Canada and the United States



Timothy Matovina. Guadalupe and Her Faithful: Latino Catholics in San Antonio, from Colonial Origins to the Present. (Lived Religions.) Baltimore: Johns Hopkins University Press. 2005. Pp. xv, 232. Cloth $60.00, paper $22.95.

Interest in Latino religion has been slow to develop among U.S. historians. Indeed, since the 1980s much more scholarship about the importance of religion among Latinos has been produced by theologians and sociologists than by historians. With two important exceptions—Moisés Sandoval's edited volume of essays, Fronteras: A History of the Latin American Church in the USA since 1513 (1983), and the Notre Dame History of Hispanic Catholics in the U.S. (1994) edited by Jay P. Dolan, Gilberto M. Hinojosa, Jaime R. Vidal, and Allan Figueroa Deck—few historically grounded monographs have appeared.

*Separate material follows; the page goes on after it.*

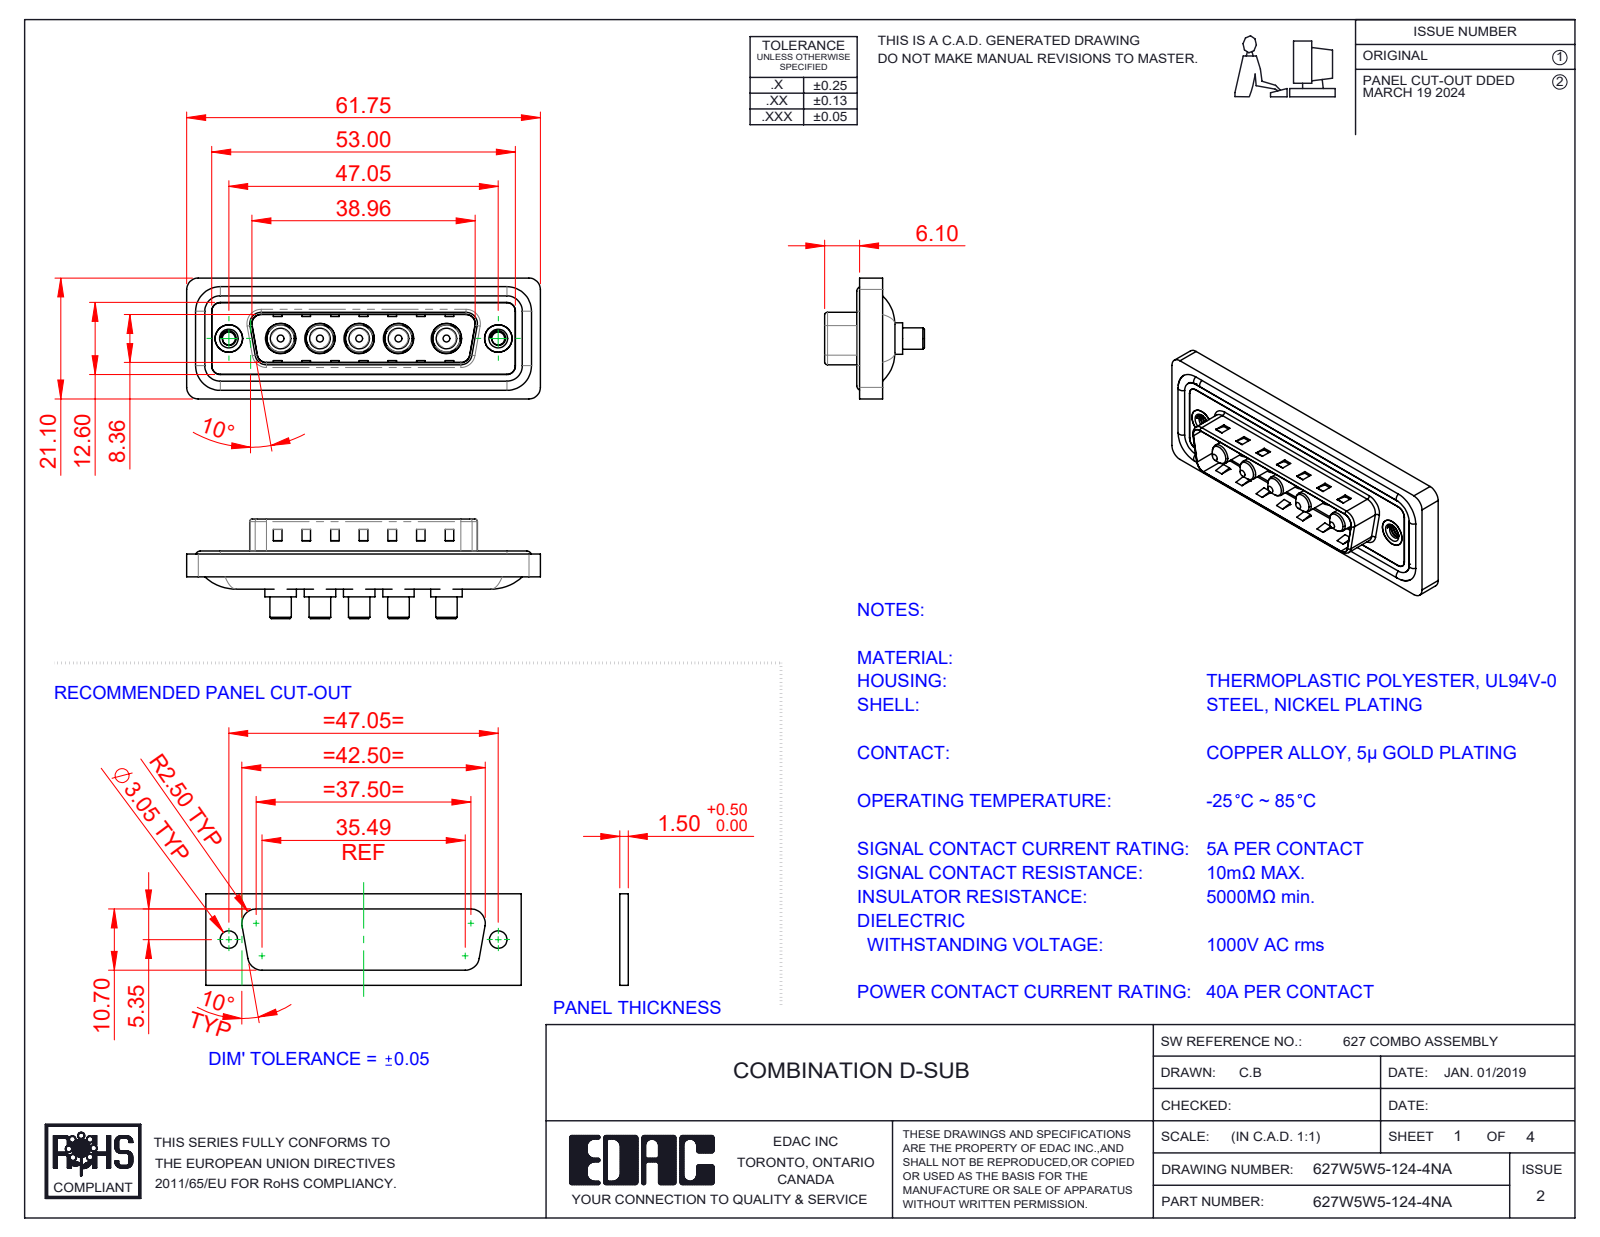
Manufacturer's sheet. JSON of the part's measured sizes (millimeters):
{"part_name": "627Combo Threaded Rivet_A; 627W5W5-124-4NA; 627Combo Housing_5W5; 627Combo Waterproof Housing_25 Contacts (+3 more)", "step_written_by": "SolidWorks 2023 (CONFIG_CONTROL_DESIGN)", "units": "millimeters", "bodies": {"solids": 17, "faces": 676, "planar": 259, "cylindrical": 285, "other": 132}, "overall_size": [61.75, 21.1, 17.4], "volume_mm3": 7567, "surface_area_mm2": 11848, "round_holes": [[4.85, 5], [5.3, 5], [2.26, 2], [4, 2], [4.8, 2], [5, 2]], "round_bosses_or_shafts": [[5.5, 5], [5.2, 5], [4.75, 5], [3.75, 5], [3.6, 5], [1.6, 4], [4.9, 2]], "partial_cylinders_radius": [[1.5, 22], [2, 18], [0.5, 8], [1.6, 8], [2.1, 5], [0.25, 4], [0.6, 4], [0.65, 4]], "face_to_face_distances": [0.4, 1.5, 0.5, 1.1, 3.1, 1.6, 2.9, 0.82, 9.58, 5.65], "hole_center_spacings": [6.86, 9.04, 13.73, 38.01, 6.87, 8.37, 8.38, 9.05]}
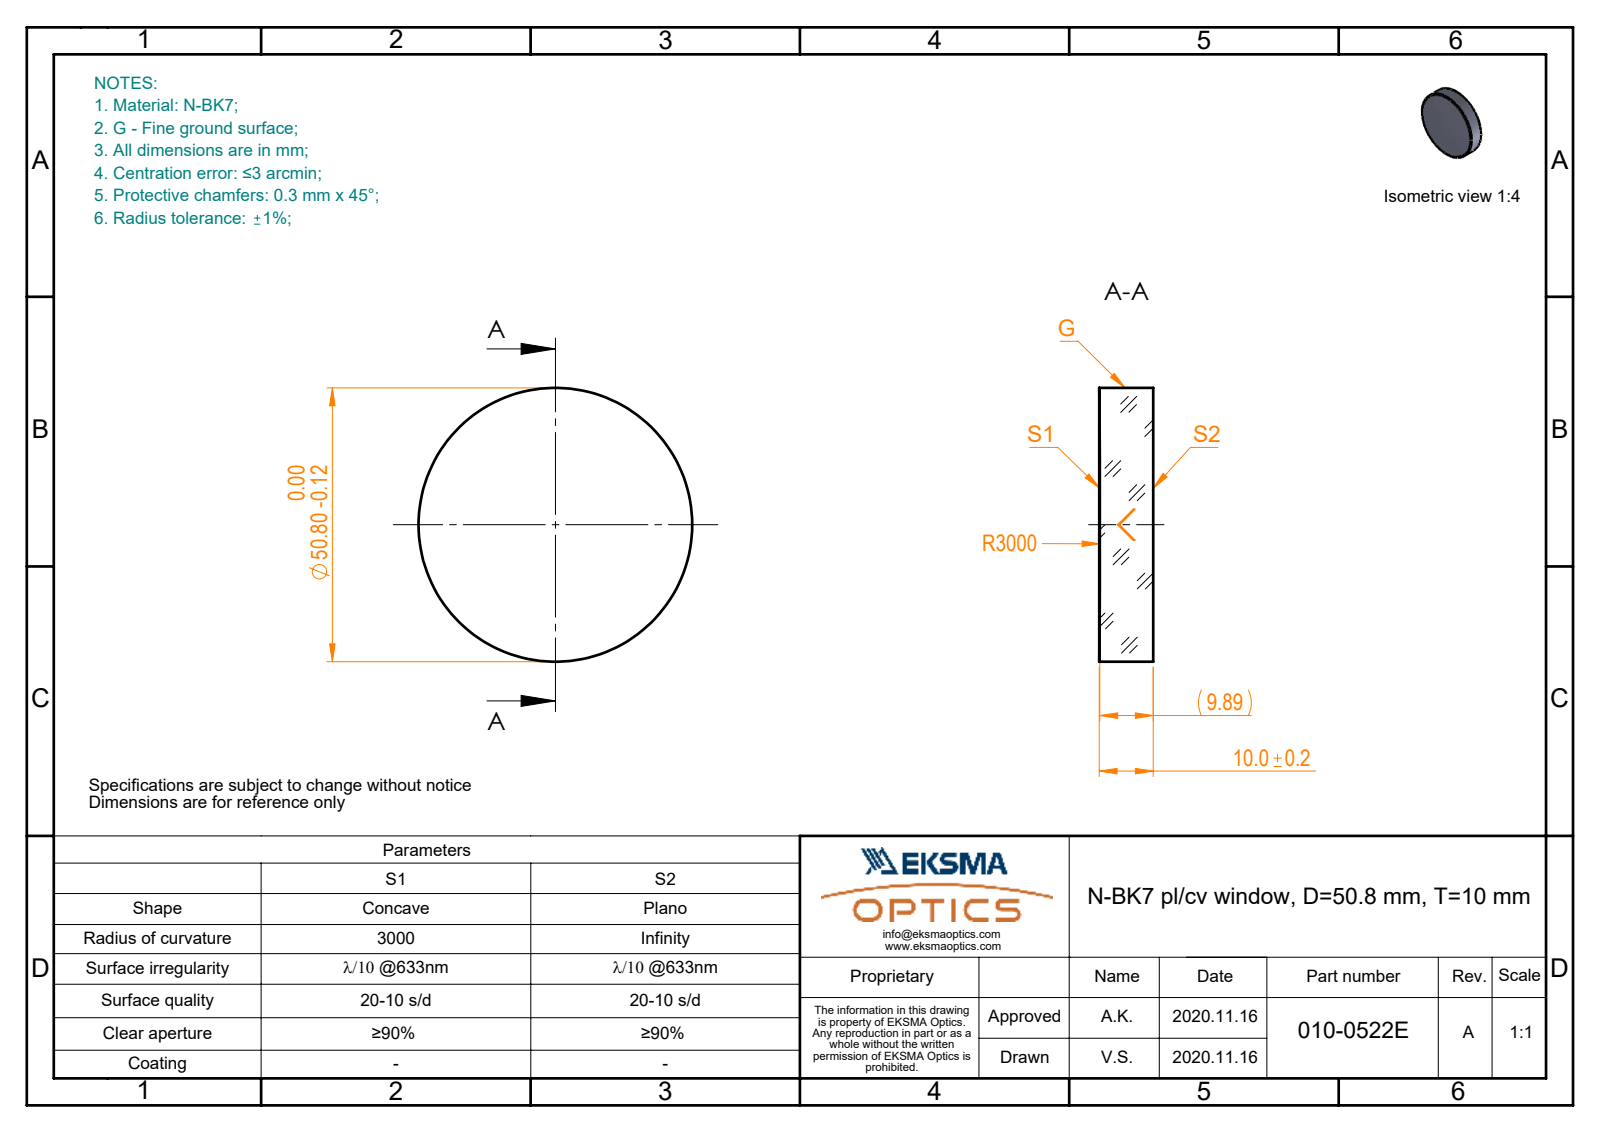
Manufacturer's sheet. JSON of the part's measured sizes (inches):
{"part_name": "010-0522E_N-BK7_PCV_window", "step_written_by": "SolidWorks 2019 (CONFIG_CONTROL_DESIGN)", "units": "inches", "bodies": {"solids": 1, "faces": 5, "planar": 1, "cylindrical": 2, "other": 2}, "overall_size": [2, 2, 0.394], "volume_in3": 1.23, "surface_area_in2": 8.758, "round_bosses_or_shafts": [[2, 1]]}

With the publication of this book, Timothy Matovina significantly advances the emergent field of Mexican American religious history. 1
      Our Lady of Guadalupe (the Virgin Mary) is the most exalted figure in Mexican Catholicism and key to understanding Mexican and Mexican American history. Matovina explains Guadalupe's significance in that history by examining Guadalupan devotional practices in San Fernando Parish in San Antonio, Texas, since 1738. The author documents what others have claimed—that "Guadalupe has regularly offered her devotees a source of healing, hope, consolation, and renewed self-worth" (p. 19), but it is his insights about the ambiguous and often double-edged quality of Guadalupanism that deepens our understanding about religion's impact in Mexican American history. In a nutshell, Matovina argues that Guadalupan devotion has liberated as well as constrained Mexican Americans; it has promoted ethnic solidarity with which to endure social marginality, but it also has legitimated class and gender inequalities among Mexican Americans and failed to challenge the larger social structures that historically have denied them first-class citizenship. . . .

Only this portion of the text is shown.